─── Input data

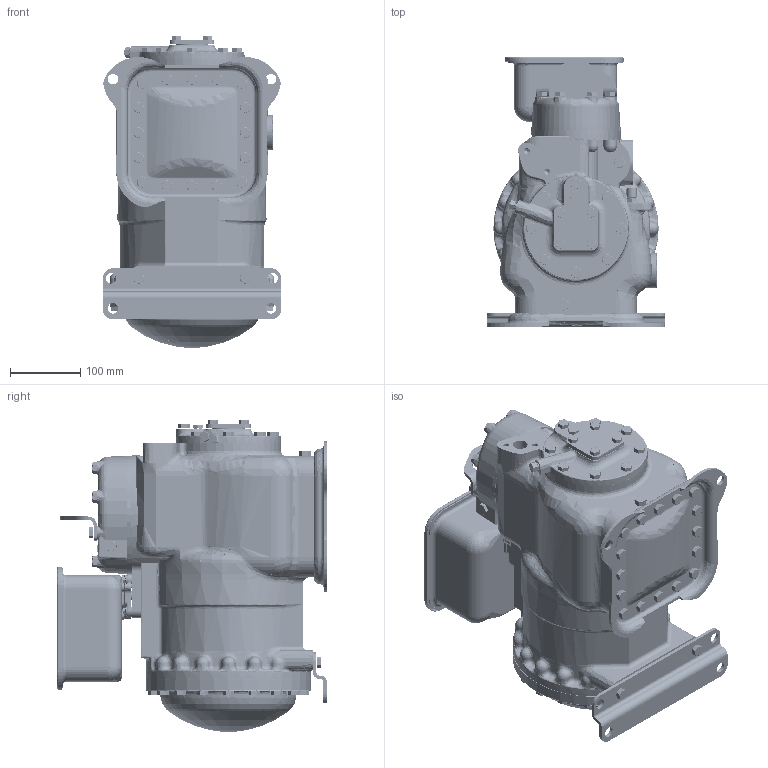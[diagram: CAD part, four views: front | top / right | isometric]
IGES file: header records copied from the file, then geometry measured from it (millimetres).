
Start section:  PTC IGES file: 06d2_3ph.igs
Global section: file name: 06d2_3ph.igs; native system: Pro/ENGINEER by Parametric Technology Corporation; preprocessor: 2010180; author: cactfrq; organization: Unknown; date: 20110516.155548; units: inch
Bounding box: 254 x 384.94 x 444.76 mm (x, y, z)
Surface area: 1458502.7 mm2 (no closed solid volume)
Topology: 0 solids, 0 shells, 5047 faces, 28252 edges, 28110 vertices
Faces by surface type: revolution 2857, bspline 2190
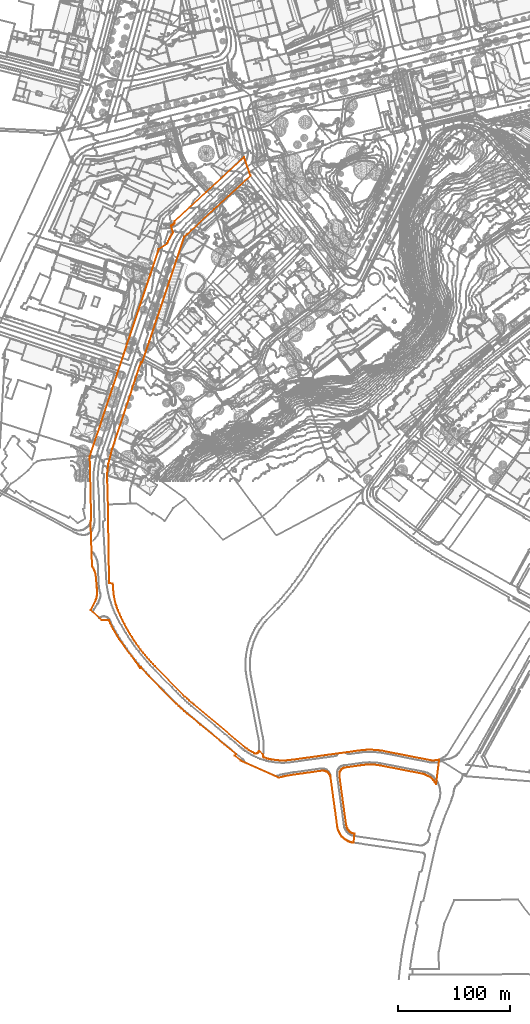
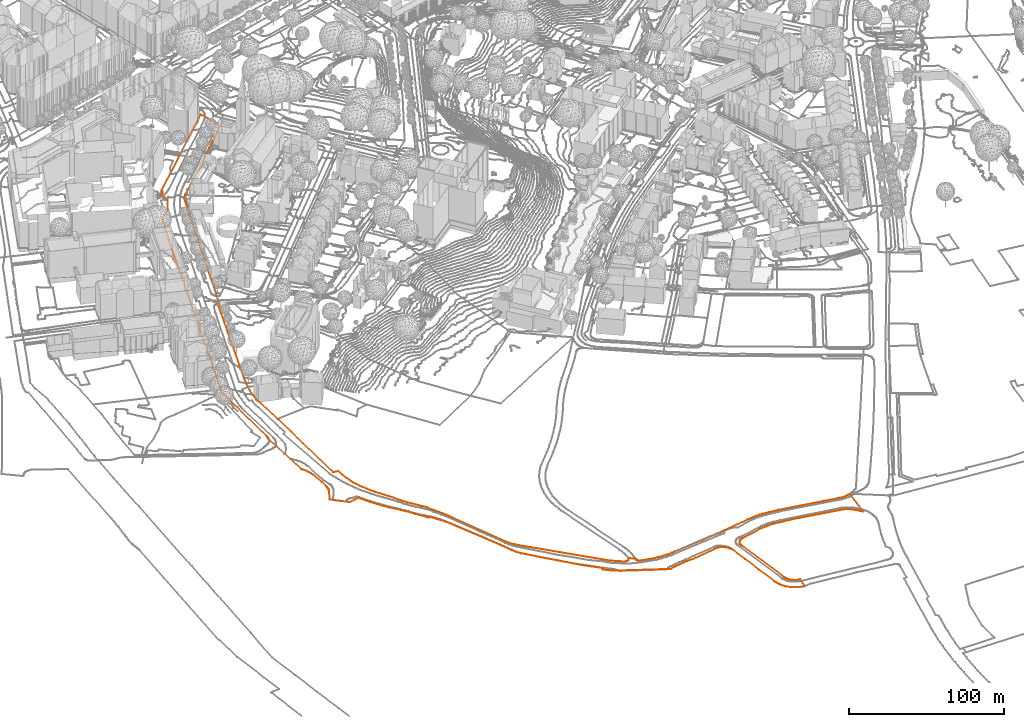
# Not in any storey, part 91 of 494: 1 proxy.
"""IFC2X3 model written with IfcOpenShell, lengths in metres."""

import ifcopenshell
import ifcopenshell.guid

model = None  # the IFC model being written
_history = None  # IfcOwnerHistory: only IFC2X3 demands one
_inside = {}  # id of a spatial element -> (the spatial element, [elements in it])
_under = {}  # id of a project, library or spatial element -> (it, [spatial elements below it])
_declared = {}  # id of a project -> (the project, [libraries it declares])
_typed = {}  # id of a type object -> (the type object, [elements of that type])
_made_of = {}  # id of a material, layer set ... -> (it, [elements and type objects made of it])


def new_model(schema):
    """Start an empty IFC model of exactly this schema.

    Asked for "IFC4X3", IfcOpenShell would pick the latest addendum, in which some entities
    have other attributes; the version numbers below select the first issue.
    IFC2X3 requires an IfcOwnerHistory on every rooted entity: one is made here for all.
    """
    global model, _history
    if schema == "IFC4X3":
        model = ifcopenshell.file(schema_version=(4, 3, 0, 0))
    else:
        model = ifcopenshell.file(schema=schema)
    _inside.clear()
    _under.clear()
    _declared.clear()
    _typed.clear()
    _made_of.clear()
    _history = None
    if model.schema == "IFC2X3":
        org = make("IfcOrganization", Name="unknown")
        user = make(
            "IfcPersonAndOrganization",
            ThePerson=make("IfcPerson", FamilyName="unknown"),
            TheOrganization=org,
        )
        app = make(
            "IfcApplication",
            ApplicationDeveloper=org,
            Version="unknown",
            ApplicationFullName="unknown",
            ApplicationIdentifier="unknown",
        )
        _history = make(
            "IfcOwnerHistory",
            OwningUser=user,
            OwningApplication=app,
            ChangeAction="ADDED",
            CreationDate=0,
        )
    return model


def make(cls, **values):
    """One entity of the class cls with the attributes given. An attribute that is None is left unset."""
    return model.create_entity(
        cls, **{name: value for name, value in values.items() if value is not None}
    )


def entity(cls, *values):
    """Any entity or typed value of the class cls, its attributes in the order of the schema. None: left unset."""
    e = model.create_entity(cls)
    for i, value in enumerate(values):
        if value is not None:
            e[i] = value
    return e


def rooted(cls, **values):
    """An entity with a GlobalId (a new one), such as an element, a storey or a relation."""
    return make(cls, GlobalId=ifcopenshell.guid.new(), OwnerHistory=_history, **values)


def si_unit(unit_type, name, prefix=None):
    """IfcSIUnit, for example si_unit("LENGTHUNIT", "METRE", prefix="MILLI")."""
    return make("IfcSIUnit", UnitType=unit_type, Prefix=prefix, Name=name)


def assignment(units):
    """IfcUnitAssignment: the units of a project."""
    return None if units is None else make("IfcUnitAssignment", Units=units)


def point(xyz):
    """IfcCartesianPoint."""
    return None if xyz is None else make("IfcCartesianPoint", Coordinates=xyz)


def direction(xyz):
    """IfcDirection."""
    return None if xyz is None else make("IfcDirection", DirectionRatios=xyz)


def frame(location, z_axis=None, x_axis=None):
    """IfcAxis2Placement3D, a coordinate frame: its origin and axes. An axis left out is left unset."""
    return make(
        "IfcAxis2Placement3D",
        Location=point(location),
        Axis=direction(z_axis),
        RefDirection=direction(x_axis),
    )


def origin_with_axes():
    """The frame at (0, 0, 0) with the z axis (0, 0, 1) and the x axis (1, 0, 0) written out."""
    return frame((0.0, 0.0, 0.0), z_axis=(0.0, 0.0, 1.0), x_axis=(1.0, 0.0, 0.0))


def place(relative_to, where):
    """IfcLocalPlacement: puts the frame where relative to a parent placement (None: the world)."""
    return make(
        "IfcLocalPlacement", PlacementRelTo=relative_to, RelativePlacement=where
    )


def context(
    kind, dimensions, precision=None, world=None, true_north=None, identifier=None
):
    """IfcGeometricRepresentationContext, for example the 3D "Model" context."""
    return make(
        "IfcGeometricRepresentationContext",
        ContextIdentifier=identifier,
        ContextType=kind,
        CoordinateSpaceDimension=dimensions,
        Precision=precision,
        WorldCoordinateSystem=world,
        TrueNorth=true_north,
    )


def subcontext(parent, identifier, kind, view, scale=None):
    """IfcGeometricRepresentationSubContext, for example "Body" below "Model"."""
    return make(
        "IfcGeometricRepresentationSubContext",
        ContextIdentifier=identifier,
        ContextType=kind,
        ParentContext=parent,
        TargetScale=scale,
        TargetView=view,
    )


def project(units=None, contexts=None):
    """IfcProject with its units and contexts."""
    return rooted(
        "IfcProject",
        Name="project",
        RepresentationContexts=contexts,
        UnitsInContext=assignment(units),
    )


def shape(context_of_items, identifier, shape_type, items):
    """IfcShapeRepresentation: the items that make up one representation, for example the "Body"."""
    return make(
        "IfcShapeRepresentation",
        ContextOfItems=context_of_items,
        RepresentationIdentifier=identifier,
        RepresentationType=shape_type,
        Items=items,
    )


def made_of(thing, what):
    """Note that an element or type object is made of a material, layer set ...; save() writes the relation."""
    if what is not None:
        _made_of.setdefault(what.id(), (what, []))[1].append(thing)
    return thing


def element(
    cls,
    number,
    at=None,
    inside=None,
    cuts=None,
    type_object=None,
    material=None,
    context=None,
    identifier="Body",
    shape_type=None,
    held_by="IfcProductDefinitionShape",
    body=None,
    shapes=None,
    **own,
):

──────

- _What you need to do_
Where a line above holds the string "location", copy that line.

- _Problem solution_
def frame(location, z_axis=None, x_axis=None):
        Location=point(location),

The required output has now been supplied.